In psychology, gaslighting means manipulating people to question their own perceptions, memories or even sanity. It tends not to work so well on judges.

The courts proved to be the bulwark against Trump’s machinations. The three justices he placed on the high court did nothing to help him when they had the chance. Dozens of federal judges — Trump nominees among them — blocked his course, finding no merit in his complaints of voting and counting fraud.

Yet he had waged the fight with the support of legions of his voters and more than 100 Republican members of Congress who supported his challenge of Biden's election certification on the same false pretenses peddled by Trump.

“It really matters that the president of the United States is an arsonist of radicalization,” Kori Schake, a senior national security and State Department aide in the George W. Bush administration, told a postelection conference. She dared hope “it will really help when that’s no longer the case.”

By being so determinedly loose with the truth Trump stayed true to character in the White House.

The arc of his life reveals insistent fabrication and exaggeration, as well as one vast understatement, attributed to him in his memoir and singular in its audacity: “A little hyperbole never hurts.”

In his days as a publicity hungry real estate developer in New York, he would pretend to be a publicist named John Miller as he got on the phone with the press and planted flattering secrets about Donald Trump, such as “actresses just call to see if they can go out with him and things.”

His deceptions would start to take on much larger dimensions with deeper consequences, as when he tried to perpetuate the lie that President Barack Obama was not born in the U.S. and thus was an illegitimate president.

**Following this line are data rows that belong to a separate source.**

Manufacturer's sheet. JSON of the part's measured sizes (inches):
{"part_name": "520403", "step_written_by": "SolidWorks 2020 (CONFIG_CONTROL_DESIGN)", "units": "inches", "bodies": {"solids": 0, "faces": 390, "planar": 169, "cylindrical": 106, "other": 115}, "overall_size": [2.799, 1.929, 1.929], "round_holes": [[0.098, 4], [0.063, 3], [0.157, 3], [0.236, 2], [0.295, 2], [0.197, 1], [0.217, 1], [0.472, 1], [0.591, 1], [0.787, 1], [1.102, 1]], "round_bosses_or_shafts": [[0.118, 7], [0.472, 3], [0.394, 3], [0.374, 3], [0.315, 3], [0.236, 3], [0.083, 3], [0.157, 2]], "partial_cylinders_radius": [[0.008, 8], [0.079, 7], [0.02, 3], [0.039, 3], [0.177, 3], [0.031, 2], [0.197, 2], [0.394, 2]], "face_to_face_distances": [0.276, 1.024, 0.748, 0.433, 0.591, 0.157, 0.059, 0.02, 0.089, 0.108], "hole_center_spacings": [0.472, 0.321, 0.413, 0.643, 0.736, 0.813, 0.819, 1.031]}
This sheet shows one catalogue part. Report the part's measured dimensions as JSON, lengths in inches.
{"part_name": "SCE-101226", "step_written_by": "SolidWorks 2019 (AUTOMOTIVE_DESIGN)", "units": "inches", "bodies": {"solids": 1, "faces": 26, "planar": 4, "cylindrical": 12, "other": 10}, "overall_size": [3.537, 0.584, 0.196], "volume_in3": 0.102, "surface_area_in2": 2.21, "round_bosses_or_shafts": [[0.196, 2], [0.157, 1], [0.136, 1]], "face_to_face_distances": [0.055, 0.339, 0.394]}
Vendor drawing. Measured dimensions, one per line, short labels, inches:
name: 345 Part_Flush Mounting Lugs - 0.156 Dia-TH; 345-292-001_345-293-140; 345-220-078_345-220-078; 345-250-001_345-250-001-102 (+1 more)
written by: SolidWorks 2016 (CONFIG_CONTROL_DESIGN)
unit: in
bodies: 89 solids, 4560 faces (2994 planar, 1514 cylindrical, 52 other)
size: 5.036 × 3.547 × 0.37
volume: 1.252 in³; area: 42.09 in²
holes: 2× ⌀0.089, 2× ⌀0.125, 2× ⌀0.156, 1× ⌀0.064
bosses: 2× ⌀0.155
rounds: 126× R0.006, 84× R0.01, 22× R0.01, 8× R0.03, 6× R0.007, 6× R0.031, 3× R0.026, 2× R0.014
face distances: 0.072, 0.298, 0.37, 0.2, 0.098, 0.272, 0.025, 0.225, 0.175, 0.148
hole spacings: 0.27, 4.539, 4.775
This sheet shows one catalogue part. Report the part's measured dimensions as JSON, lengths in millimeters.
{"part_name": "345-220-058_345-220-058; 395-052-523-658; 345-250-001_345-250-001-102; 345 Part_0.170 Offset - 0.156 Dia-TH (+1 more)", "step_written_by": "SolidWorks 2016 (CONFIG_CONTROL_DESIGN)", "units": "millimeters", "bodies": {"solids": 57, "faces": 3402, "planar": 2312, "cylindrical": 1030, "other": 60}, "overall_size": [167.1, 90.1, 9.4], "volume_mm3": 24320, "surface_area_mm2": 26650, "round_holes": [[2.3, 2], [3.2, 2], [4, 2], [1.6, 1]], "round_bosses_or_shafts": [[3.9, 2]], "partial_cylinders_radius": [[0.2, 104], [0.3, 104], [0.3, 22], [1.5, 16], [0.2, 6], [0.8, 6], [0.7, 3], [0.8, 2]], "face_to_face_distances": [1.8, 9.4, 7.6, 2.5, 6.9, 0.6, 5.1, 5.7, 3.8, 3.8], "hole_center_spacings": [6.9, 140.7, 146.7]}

Then in office, Trump used the extraordinary reach and power of the presidency to tell Americans not to believe what they could see with their own eyes.

Trump underplayed the threat the coronavirus posed while admitting he knew better. For weeks in the fall he spoke of the U.S. “rounding the corner” on the pandemic even as infections rose across the country. He further encouraged his believers to let down their guard by telling them that most people who wear masks get COVID-19, far from the truth.

Throughout his term, to go with Trump’s flow was to suspend logic, to disdain arithmetic, to ignore that his latest statement contradicted what he said days before. It meant buying into “alternative facts” — a phrase that spurred sales of George Orwell’s dystopian book “1984” when it was coined by a Trump aide.

“It’s simply gotten to the point where Donald Trump has told so many lies in so many different ways ... it just makes you wonder if we’re living in a post-truth world,” said Richard Waterman, a University of Kentucky political science professor who studies the presidency.

Trump’s fabrications were the racing heartbeat of his rallies. The counterfeit fed the charisma.

At a postelection rally in Georgia, Trump railed for nearly two hours in a speech where it was easier to suss out the true statements than the false ones.

The Democrats, he said, “want to rip down buildings and rebuild them with no windows. I like windows.” He said they “want to take away your beautiful Christmas that we just got back.” He said “Democrats will have dead people voting and you got to watch it — dead people.” None of that was true.